--- INFORMATION ---
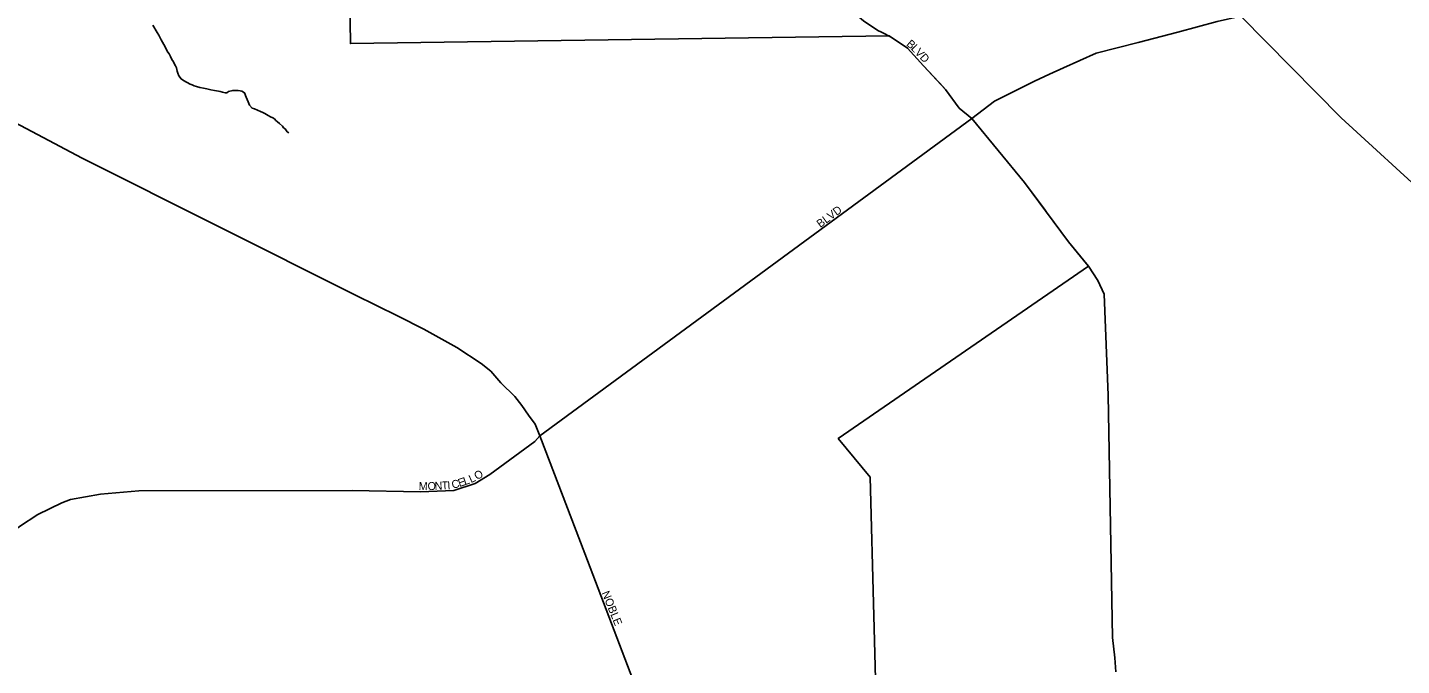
# Model space of a CAD drawing. Extents: x 2010165 to 2382125, y 1060529 to 1407316.
# Drawn here: x 2227695 to 2236282, y 1286370 to 1290356 of the extents above; entities that cross this region are included whole.
import ezdxf

# ---------------------------------------------------------------- set-up
doc = ezdxf.new("R2010")
doc.units = 0
for name, color, linetype in [('GM_X_City_Street', 7, 'Continuous'), ('GM_X_City_Street_Text', 7, 'Continuous'), ('GM_X_Corporation', 7, 'Continuous'), ('GM_X_Minor_River', 7, 'Continuous')]:
    doc.layers.add(name, color=color, linetype=linetype)

msp = doc.modelspace()

# ---------------------------------------------------------------- linework, layer by layer
at = {"layer": 'GM_X_City_Street'}
for points in [[(2237139.1, 1283818.1), (2237013.6, 1286565.2), (2236914.8, 1287903.6), (2236898.9, 1288051.7), (2236904.4, 1288071.9), (2236952, 1288095.2), (2237028.2, 1288171.5), (2237100.3, 1288249.6), (2237206.3, 1288419), (2237198.5, 1288487), (2237161.7, 1288590.5), (2237128, 1288653.8), (2237061.6, 1288738.4), (2236872.5, 1288918.2), (2236470.3, 1289275.2), (2235905.5, 1289792.5), (2235277.5, 1290426.7), (2232535.6, 1293111.5)], [(2231467.3, 1293027.3), (2231479.1, 1293008.7), (2231523.7, 1292913.5), (2231558.2, 1292818), (2231643.4, 1292470.8), (2231700.2, 1292291.6), (2231760.2, 1292140.6), (2231823.9, 1292001.7), (2231881.1, 1291884.8), (2231951.7, 1291715.9), (2232108, 1291408.8), (2232285.6, 1291132.3), (2232654.9, 1290654), (2232723.2, 1290571.4), (2232782.8, 1290512.8), (2232848.4, 1290458.2), (2232920.1, 1290397.9), (2233009.9, 1290338), (2233033.1, 1290326.3), (2233036, 1290324.8)], [(2233595.7, 1289787), (2233739.2, 1289895.1), (2233988.7, 1290020), (2234081.8, 1290064.5), (2234168.9, 1290104.9), (2234373.1, 1290196.5), (2234636.1, 1290261.6), (2234883.1, 1290326.2), (2235130, 1290392.8), (2235277.5, 1290426.7)], [(2233036, 1290324.8), (2233093.2, 1290295.9), (2233195.3, 1290226.3), (2233294.4, 1290116.4), (2233421.9, 1289980.8), (2233422.4, 1289980.3)], [(2231577.6, 1286021.1), (2231177.5, 1287070.6), (2230895.8, 1287806.1), (2230867.9, 1287877.6), (2230826.3, 1287934.8), (2230784.7, 1287993.9), (2230741.1, 1288051), (2230652.7, 1288137.1), (2230589.6, 1288210.1), (2230529.8, 1288256.1), (2230378.1, 1288357.4), (2230170.8, 1288471.9), (2230012.3, 1288552.1), (2229740.2, 1288685.6), (2228035.8, 1289538.9), (2226954.2, 1290113.2), (2226739.1, 1290228)], [(2233422.4, 1289980.3), (2233432.5, 1289969.5), (2233517.7, 1289853.2), (2233595.7, 1289787), (2233926.8, 1289388), (2234056.8, 1289212.5)], [(2226635.6, 1285956.3), (2226703.4, 1286013.5), (2226860.1, 1286232.3), (2227103.2, 1286604), (2227251.9, 1286822.6), (2227419.3, 1287019.6), (2227544.1, 1287153.4), (2227644.2, 1287238.2), (2227758.5, 1287313.5), (2227909.1, 1287385.6), (2227962.6, 1287407.1), (2228150.3, 1287440), (2228390.3, 1287462.3), (2229723.6, 1287464.6), (2230151, 1287455.6), (2230359.3, 1287463), (2230492.5, 1287506.6), (2230583.3, 1287563.1), (2230677.8, 1287631.8), (2230864.7, 1287769.1), (2230895.8, 1287806.1), (2233595.7, 1289787)], [(2234056.8, 1289212.5), (2234057.7, 1289211.3), (2234201.1, 1289017.7), (2234312.3, 1288880.5), (2234313.6, 1288878.8)], [(2234313.6, 1288878.8), (2234325.3, 1288864.4), (2234383.8, 1288775.5), (2234424.1, 1288690.3), (2234448.4, 1288058.6), (2234475.5, 1286545.7), (2234490.9, 1286417.6), (2234497.1, 1286331.5)]]:
    msp.add_lwpolyline(points, dxfattribs=at)
at = {"layer": 'GM_X_Corporation'}
for points in [[(2233029.7, 1284948.2), (2232960.9, 1287546.8), (2232761.3, 1287788.3), (2234325.3, 1288864.4), (2234201.1, 1289017.7), (2233926.8, 1289388), (2233595.7, 1289787), (2233517.7, 1289853.2), (2233432.5, 1289969.5), (2233294.4, 1290116.5), (2233195.3, 1290226.3), (2233079.5, 1290303.5), (2229712.6, 1290255.7), (2229671.2, 1292961.1), (2229670.7, 1293049.4), (2229690.7, 1293055.5), (2229813.4, 1292957.9), (2233366.5, 1293020.4), (2234938.8, 1293048), (2237384.4, 1293091.1)], [(2224518.8, 1284971.9), (2224367.1, 1290157.1), (2227099.1, 1290174.7), (2227031.5, 1292904), (2229671.2, 1292961.1), (2229712.6, 1290255.7), (2233079.5, 1290303.5), (2233195.3, 1290226.3), (2233294.4, 1290116.5), (2233432.5, 1289969.5), (2233517.7, 1289853.2), (2233595.7, 1289787), (2233926.8, 1289388), (2234201.1, 1289017.7), (2234325.3, 1288864.4), (2232761.3, 1287788.3), (2232960.9, 1287546.8), (2233029.7, 1284948.2)]]:
    msp.add_lwpolyline(points, dxfattribs=at)
at = {"layer": 'GM_X_Minor_River'}
for points in [[(2228479.1, 1290371.6), (2228504.2, 1290325.8), (2228514.6, 1290307.9), (2228524.9, 1290292.1), (2228531.2, 1290278.1), (2228547.9, 1290250.3), (2228554.2, 1290236.4), (2228562.5, 1290220.5), (2228570.9, 1290202.6), (2228581.2, 1290190.7), (2228587.6, 1290174.8), (2228596, 1290156.8), (2228606.3, 1290141), (2228612.6, 1290127), (2228618.9, 1290117.1), (2228625.2, 1290103.2), (2228627.4, 1290093.2), (2228629.6, 1290083.2), (2228633.8, 1290071.2), (2228640.2, 1290055.2), (2228654.7, 1290035.4), (2228668.9, 1290025.7), (2228711.6, 1290002.4), (2228723.7, 1289998.6), (2228735.8, 1289992.8), (2228752, 1289987.1), (2228772.2, 1289981.4), (2228794.4, 1289977.9), (2228816.6, 1289972.3), (2228840.8, 1289966.7), (2228863, 1289963.1), (2228889.2, 1289957.6), (2228899.2, 1289955.8), (2228913.4, 1289952), (2228929.5, 1289948.3), (2228939.6, 1289948.5), (2228951.4, 1289956.8), (2228977.4, 1289963.3), (2228993.5, 1289963.6), (2229011.6, 1289962), (2229023.7, 1289960.2), (2229033.7, 1289958.4), (2229050, 1289948.6), (2229060.6, 1289920.7), (2229066.9, 1289906.8)], [(2229066.9, 1289906.8), (2229073.2, 1289892.8), (2229077.5, 1289880.9), (2229081.7, 1289870.9), (2229098.1, 1289853.1), (2229114.3, 1289847.4), (2229150.8, 1289832.1), (2229165, 1289824.3), (2229179.1, 1289818.6), (2229199.5, 1289806.9), (2229213.7, 1289799.1), (2229227.9, 1289791.4), (2229238.1, 1289785.5), (2229246.3, 1289775.6), (2229256.5, 1289767.8), (2229270.8, 1289756), (2229289.2, 1289740.3), (2229295.4, 1289730.4), (2229305.6, 1289722.6), (2229318, 1289704.7), (2229328.2, 1289698.9)]]:
    msp.add_lwpolyline(points, dxfattribs=at)

# ---------------------------------------------------------------- texts
at = {"layer": 'GM_X_City_Street_Text'}
for s, rotation, p in [('B', 318.72954, (2233183.8, 1290247.6)), ('L', 314.5364, (2233212.8, 1290222.1)), ('V', 313.77916, (2233237.4, 1290197.2)), ('D', 313.77916, (2233267.9, 1290165.4)), ('BLVD', 36.57772, (2232649.7, 1289103)), ('M', 357.99619, (2230139.1, 1287467.4)), ('O', 2.56341, (2230196.3, 1287465.6)), ('N', 2.58586, (2230240.2, 1287467.5)), ('T', 2.60347, (2230284.2, 1287469.5)), ('I', 3.79023, (2230320.5, 1287471.2)), ('C', 14.15764, (2230352.2, 1287474.2)), ('E', 18.58538, (2230394.7, 1287485)), ('L', 18.68858, (2230428.1, 1287496.3)), ('L', 24.18605, (2230466.4, 1287509.5)), ('O', 31.819, (2230504.9, 1287527.3)), ('NOBLE', 292.03879, (2231282.4, 1286824.2))]:
    msp.add_text(s, height=50, rotation=rotation, dxfattribs=at).set_placement(p)

doc.saveas('drawing.dxf')
---
[PROMPT] Once the line with "for s, rotation, p" has been found in the records above, retype it and every line after it exactly, and include nothing else.

[RESPONSE]
for s, rotation, p in [('B', 318.72954, (2233183.8, 1290247.6)), ('L', 314.5364, (2233212.8, 1290222.1)), ('V', 313.77916, (2233237.4, 1290197.2)), ('D', 313.77916, (2233267.9, 1290165.4)), ('BLVD', 36.57772, (2232649.7, 1289103)), ('M', 357.99619, (2230139.1, 1287467.4)), ('O', 2.56341, (2230196.3, 1287465.6)), ('N', 2.58586, (2230240.2, 1287467.5)), ('T', 2.60347, (2230284.2, 1287469.5)), ('I', 3.79023, (2230320.5, 1287471.2)), ('C', 14.15764, (2230352.2, 1287474.2)), ('E', 18.58538, (2230394.7, 1287485)), ('L', 18.68858, (2230428.1, 1287496.3)), ('L', 24.18605, (2230466.4, 1287509.5)), ('O', 31.819, (2230504.9, 1287527.3)), ('NOBLE', 292.03879, (2231282.4, 1286824.2))]:
    msp.add_text(s, height=50, rotation=rotation, dxfattribs=at).set_placement(p)

doc.saveas('drawing.dxf')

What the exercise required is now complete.